(EXTRACTED RECORDS Opens)
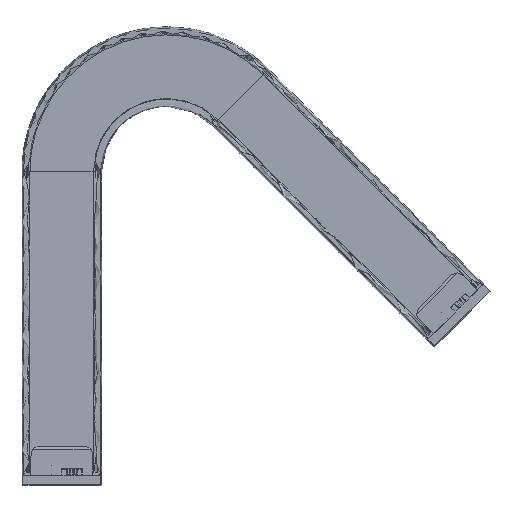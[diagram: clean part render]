
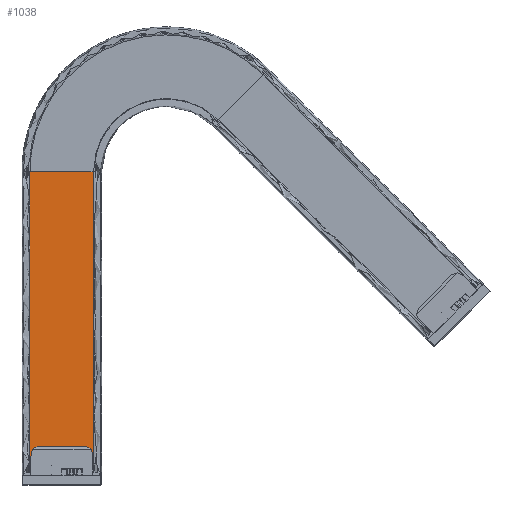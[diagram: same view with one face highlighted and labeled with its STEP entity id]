
A CAD part, top view. The second image highlights one B-rep face of the part: STEP entity #1038.
In plain terms, the highlighted free-form (B-spline) face has degree [1, 3] with [2, 4] control points.
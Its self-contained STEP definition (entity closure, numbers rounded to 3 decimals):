
#1038=ADVANCED_FACE('',(#2960),#68506,.T.);
#2960=FACE_OUTER_BOUND('',#4925,.T.);
#4925=EDGE_LOOP('',(#10888,#10889,#10890,#10891));
#10888=ORIENTED_EDGE('',*,*,#46457,.T.);
#10889=ORIENTED_EDGE('',*,*,#46458,.T.);
#10890=ORIENTED_EDGE('',*,*,#46448,.F.);
#10891=ORIENTED_EDGE('',*,*,#46455,.F.);
#22598=PCURVE('',#68502,#33110);
#22608=PCURVE('',#68505,#33120);
#22611=PCURVE('',#68506,#33123);
#22612=PCURVE('',#68506,#33124);
#22613=PCURVE('',#68506,#33125);
#22614=PCURVE('',#68506,#33126);
#22618=PCURVE('',#68507,#33130);
#22625=PCURVE('',#68509,#33137);
#33110=DEFINITIONAL_REPRESENTATION('',(#56159),#169664);
#33120=DEFINITIONAL_REPRESENTATION('',(#56176),#169664);
#33123=DEFINITIONAL_REPRESENTATION('',(#56181),#169664);
#33124=DEFINITIONAL_REPRESENTATION('',(#56183),#169664);
#33125=DEFINITIONAL_REPRESENTATION('',(#56184),#169664);
#33126=DEFINITIONAL_REPRESENTATION('',(#56185),#169664);
#33130=DEFINITIONAL_REPRESENTATION('',(#56191),#169664);
#33137=DEFINITIONAL_REPRESENTATION('',(#56199),#169664);
#41192=SURFACE_CURVE('',#56158,(#22598,#22613),.PCURVE_S1.);
#41199=SURFACE_CURVE('',#56175,(#22608,#22614),.PCURVE_S1.);
#41201=SURFACE_CURVE('',#56180,(#22611,#22625),.PCURVE_S1.);
#41202=SURFACE_CURVE('',#56182,(#22612,#22618),.PCURVE_S1.);
#46448=EDGE_CURVE('',#65393,#65396,#41192,.T.);
#46455=EDGE_CURVE('',#65402,#65393,#41199,.T.);
#46457=EDGE_CURVE('',#65402,#65403,#41201,.T.);
#46458=EDGE_CURVE('',#65403,#65396,#41202,.T.);
#56158=B_SPLINE_CURVE_WITH_KNOTS('',1,(#111073,#111074),.UNSPECIFIED.,.F.,
 .F.,(2,2),(0.,51.),.UNSPECIFIED.);
#56159=B_SPLINE_CURVE_WITH_KNOTS('',1,(#111075,#111076),.UNSPECIFIED.,.F.,
 .F.,(2,2),(0.,51.),.UNSPECIFIED.);
#56175=B_SPLINE_CURVE_WITH_KNOTS('',3,(#111126,#111127,#111128,#111129),
 .UNSPECIFIED.,.F.,.F.,(4,4),(8.,210.),.UNSPECIFIED.);
#56176=B_SPLINE_CURVE_WITH_KNOTS('',1,(#111130,#111131),.UNSPECIFIED.,.F.,
 .F.,(2,2),(8.,210.),.UNSPECIFIED.);
#56180=B_SPLINE_CURVE_WITH_KNOTS('',1,(#111140,#111141),.UNSPECIFIED.,.F.,
 .F.,(2,2),(0.,51.),.UNSPECIFIED.);
#56181=B_SPLINE_CURVE_WITH_KNOTS('',1,(#111142,#111143),.UNSPECIFIED.,.F.,
 .F.,(2,2),(0.,51.),.UNSPECIFIED.);
#56182=B_SPLINE_CURVE_WITH_KNOTS('',3,(#111144,#111145,#111146,#111147),
 .UNSPECIFIED.,.F.,.F.,(4,4),(8.,210.),.UNSPECIFIED.);
#56183=B_SPLINE_CURVE_WITH_KNOTS('',1,(#111148,#111149),.UNSPECIFIED.,.F.,
 .F.,(2,2),(8.,210.),.UNSPECIFIED.);
#56184=B_SPLINE_CURVE_WITH_KNOTS('',1,(#111150,#111151),.UNSPECIFIED.,.F.,
 .F.,(2,2),(0.,51.),.UNSPECIFIED.);
#56185=B_SPLINE_CURVE_WITH_KNOTS('',1,(#111152,#111153),.UNSPECIFIED.,.F.,
 .F.,(2,2),(8.,210.),.UNSPECIFIED.);
#56191=B_SPLINE_CURVE_WITH_KNOTS('',1,(#111166,#111167),.UNSPECIFIED.,.F.,
 .F.,(2,2),(8.,210.),.UNSPECIFIED.);
#56199=B_SPLINE_CURVE_WITH_KNOTS('',1,(#111182,#111183),.UNSPECIFIED.,.F.,
 .F.,(2,2),(0.,51.),.UNSPECIFIED.);
#65393=VERTEX_POINT('',#110980);
#65396=VERTEX_POINT('',#110983);
#65402=VERTEX_POINT('',#110989);
#65403=VERTEX_POINT('',#110990);
#68502=B_SPLINE_SURFACE_WITH_KNOTS('',1,3,((#110794,#110795,#110796,#110797,
#110798,#110799,#110800,#110801,#110802,#110803,#110804,#110805,#110806,
#110807,#110808,#110809,#110810,#110811,#110812),(#110813,#110814,#110815,
#110816,#110817,#110818,#110819,#110820,#110821,#110822,#110823,#110824,
#110825,#110826,#110827,#110828,#110829,#110830,#110831)),.UNSPECIFIED.,
 .F.,.F.,.F.,(2,2),(4,1,1,1,1,1,1,1,1,1,1,1,1,1,1,1,4),(0.,51.),(0.,14.164,
28.8,43.766,58.905,74.043,89.01,
103.645,117.81,131.974,146.609,161.576,
176.714,191.853,206.82,221.455,235.619),
 .UNSPECIFIED.);
#68505=B_SPLINE_SURFACE_WITH_KNOTS('',1,3,((#110908,#110909,#110910,#110911),
(#110912,#110913,#110914,#110915)),.UNSPECIFIED.,.F.,.F.,.F.,(2,2),(4,4),
(103.2,104.4),(0.,210.),.UNSPECIFIED.);
#68506=B_SPLINE_SURFACE_WITH_KNOTS('',1,3,((#110916,#110917,#110918,#110919),
(#110920,#110921,#110922,#110923)),.UNSPECIFIED.,.F.,.F.,.F.,(2,2),(4,4),
(0.,51.),(0.,210.),.UNSPECIFIED.);
#68507=B_SPLINE_SURFACE_WITH_KNOTS('',1,3,((#110924,#110925,#110926,#110927),
(#110928,#110929,#110930,#110931)),.UNSPECIFIED.,.F.,.F.,.F.,(2,2),(4,4),
(51.,52.2),(0.,210.),.UNSPECIFIED.);
#68509=B_SPLINE_SURFACE_WITH_KNOTS('',1,1,((#110940,#110941),(#110942,#110943)),
 .UNSPECIFIED.,.F.,.F.,.F.,(2,2),(2,2),(0.,49.),(0.,45.808),
 .UNSPECIFIED.);
#110794=CARTESIAN_POINT('',(-23.,210.,62.937));
#110795=CARTESIAN_POINT('',(-23.,214.509,62.937));
#110796=CARTESIAN_POINT('',(-22.35,223.677,62.937));
#110797=CARTESIAN_POINT('',(-19.372,237.325,62.937));
#110798=CARTESIAN_POINT('',(-14.302,250.678,62.937));
#110799=CARTESIAN_POINT('',(-7.209,263.26,62.937));
#110800=CARTESIAN_POINT('',(1.701,274.629,62.937));
#110801=CARTESIAN_POINT('',(12.096,284.421,62.937));
#110802=CARTESIAN_POINT('',(23.567,292.396,62.937));
#110803=CARTESIAN_POINT('',(35.831,298.526,62.937));
#110804=CARTESIAN_POINT('',(48.839,302.864,62.937));
#110805=CARTESIAN_POINT('',(62.587,305.335,62.937));
#110806=CARTESIAN_POINT('',(76.864,305.762,62.937));
#110807=CARTESIAN_POINT('',(91.202,304.023,62.937));
#110808=CARTESIAN_POINT('',(105.116,300.142,62.937));
#110809=CARTESIAN_POINT('',(118.141,294.285,62.937));
#110810=CARTESIAN_POINT('',(129.898,286.739,62.937));
#110811=CARTESIAN_POINT('',(136.84,280.717,62.937));
#110812=CARTESIAN_POINT('',(140.029,277.529,62.937));
#110813=CARTESIAN_POINT('',(23.,210.,62.937));
#110814=CARTESIAN_POINT('',(23.,212.337,62.937));
#110815=CARTESIAN_POINT('',(23.337,217.089,62.937));
#110816=CARTESIAN_POINT('',(24.881,224.163,62.937));
#110817=CARTESIAN_POINT('',(27.508,231.085,62.937));
#110818=CARTESIAN_POINT('',(31.185,237.606,62.937));
#110819=CARTESIAN_POINT('',(35.803,243.499,62.937));
#110820=CARTESIAN_POINT('',(41.191,248.574,62.937));
#110821=CARTESIAN_POINT('',(47.137,252.708,62.937));
#110822=CARTESIAN_POINT('',(53.494,255.885,62.937));
#110823=CARTESIAN_POINT('',(60.236,258.133,62.937));
#110824=CARTESIAN_POINT('',(67.362,259.415,62.937));
#110825=CARTESIAN_POINT('',(74.762,259.636,62.937));
#110826=CARTESIAN_POINT('',(82.194,258.735,62.937));
#110827=CARTESIAN_POINT('',(89.405,256.723,62.937));
#110828=CARTESIAN_POINT('',(96.157,253.687,62.937));
#110829=CARTESIAN_POINT('',(102.251,249.776,62.937));
#110830=CARTESIAN_POINT('',(105.849,246.655,62.937));
#110831=CARTESIAN_POINT('',(107.502,245.002,62.937));
#110908=CARTESIAN_POINT('',(-23.,0.,61.937));
#110909=CARTESIAN_POINT('',(-23.,70.,61.937));
#110910=CARTESIAN_POINT('',(-23.,140.,61.937));
#110911=CARTESIAN_POINT('',(-23.,210.,61.937));
#110912=CARTESIAN_POINT('',(-23.,0.,62.937));
#110913=CARTESIAN_POINT('',(-23.,70.,62.937));
#110914=CARTESIAN_POINT('',(-23.,140.,62.937));
#110915=CARTESIAN_POINT('',(-23.,210.,62.937));
#110916=CARTESIAN_POINT('',(-23.,0.,62.937));
#110917=CARTESIAN_POINT('',(-23.,70.,62.937));
#110918=CARTESIAN_POINT('',(-23.,140.,62.937));
#110919=CARTESIAN_POINT('',(-23.,210.,62.937));
#110920=CARTESIAN_POINT('',(23.,0.,62.937));
#110921=CARTESIAN_POINT('',(23.,70.,62.937));
#110922=CARTESIAN_POINT('',(23.,140.,62.937));
#110923=CARTESIAN_POINT('',(23.,210.,62.937));
#110924=CARTESIAN_POINT('',(23.,0.,62.937));
#110925=CARTESIAN_POINT('',(23.,70.,62.937));
#110926=CARTESIAN_POINT('',(23.,140.,62.937));
#110927=CARTESIAN_POINT('',(23.,210.,62.937));
#110928=CARTESIAN_POINT('',(23.,0.,61.937));
#110929=CARTESIAN_POINT('',(23.,70.,61.937));
#110930=CARTESIAN_POINT('',(23.,140.,61.937));
#110931=CARTESIAN_POINT('',(23.,210.,61.937));
#110940=CARTESIAN_POINT('',(-24.5,8.,21.123));
#110941=CARTESIAN_POINT('',(-24.5,8.,66.931));
#110942=CARTESIAN_POINT('',(24.5,8.,21.123));
#110943=CARTESIAN_POINT('',(24.5,8.,66.931));
#110980=CARTESIAN_POINT('',(-23.,210.,62.937));
#110983=CARTESIAN_POINT('',(23.,210.,62.937));
#110989=CARTESIAN_POINT('',(-23.,8.,62.937));
#110990=CARTESIAN_POINT('',(23.,8.,62.937));
#111073=CARTESIAN_POINT('',(-23.,210.,62.937));
#111074=CARTESIAN_POINT('',(23.,210.,62.937));
#111075=CARTESIAN_POINT('',(0.,0.));
#111076=CARTESIAN_POINT('',(51.,0.));
#111126=CARTESIAN_POINT('',(-23.,8.,62.937));
#111127=CARTESIAN_POINT('',(-23.,75.333,62.937));
#111128=CARTESIAN_POINT('',(-23.,142.667,62.937));
#111129=CARTESIAN_POINT('',(-23.,210.,62.937));
#111130=CARTESIAN_POINT('',(104.4,8.));
#111131=CARTESIAN_POINT('',(104.4,210.));
#111140=CARTESIAN_POINT('',(-23.,8.,62.937));
#111141=CARTESIAN_POINT('',(23.,8.,62.937));
#111142=CARTESIAN_POINT('',(0.,8.));
#111143=CARTESIAN_POINT('',(51.,8.));
#111144=CARTESIAN_POINT('',(23.,8.,62.937));
#111145=CARTESIAN_POINT('',(23.,75.333,62.937));
#111146=CARTESIAN_POINT('',(23.,142.667,62.937));
#111147=CARTESIAN_POINT('',(23.,210.,62.937));
#111148=CARTESIAN_POINT('',(51.,8.));
#111149=CARTESIAN_POINT('',(51.,210.));
#111150=CARTESIAN_POINT('',(0.,210.));
#111151=CARTESIAN_POINT('',(51.,210.));
#111152=CARTESIAN_POINT('',(0.,8.));
#111153=CARTESIAN_POINT('',(0.,210.));
#111166=CARTESIAN_POINT('',(51.,8.));
#111167=CARTESIAN_POINT('',(51.,210.));
#111182=CARTESIAN_POINT('',(1.5,41.814));
#111183=CARTESIAN_POINT('',(47.5,41.814));
#169664=(
GEOMETRIC_REPRESENTATION_CONTEXT(2)
PARAMETRIC_REPRESENTATION_CONTEXT()
REPRESENTATION_CONTEXT('pspace','')
);
(EXTRACTED RECORDS Closes)
**WORK ITEM**
The reply should consist only of the line containing "#111151=CARTESIAN_POINT('',(51.,210.));" and all lines after it in the listing above, reproduced exactly.

**WRITTEN SOLUTION**
#111151=CARTESIAN_POINT('',(51.,210.));
#111152=CARTESIAN_POINT('',(0.,8.));
#111153=CARTESIAN_POINT('',(0.,210.));
#111166=CARTESIAN_POINT('',(51.,8.));
#111167=CARTESIAN_POINT('',(51.,210.));
#111182=CARTESIAN_POINT('',(1.5,41.814));
#111183=CARTESIAN_POINT('',(47.5,41.814));
#169664=(
GEOMETRIC_REPRESENTATION_CONTEXT(2)
PARAMETRIC_REPRESENTATION_CONTEXT()
REPRESENTATION_CONTEXT('pspace','')
);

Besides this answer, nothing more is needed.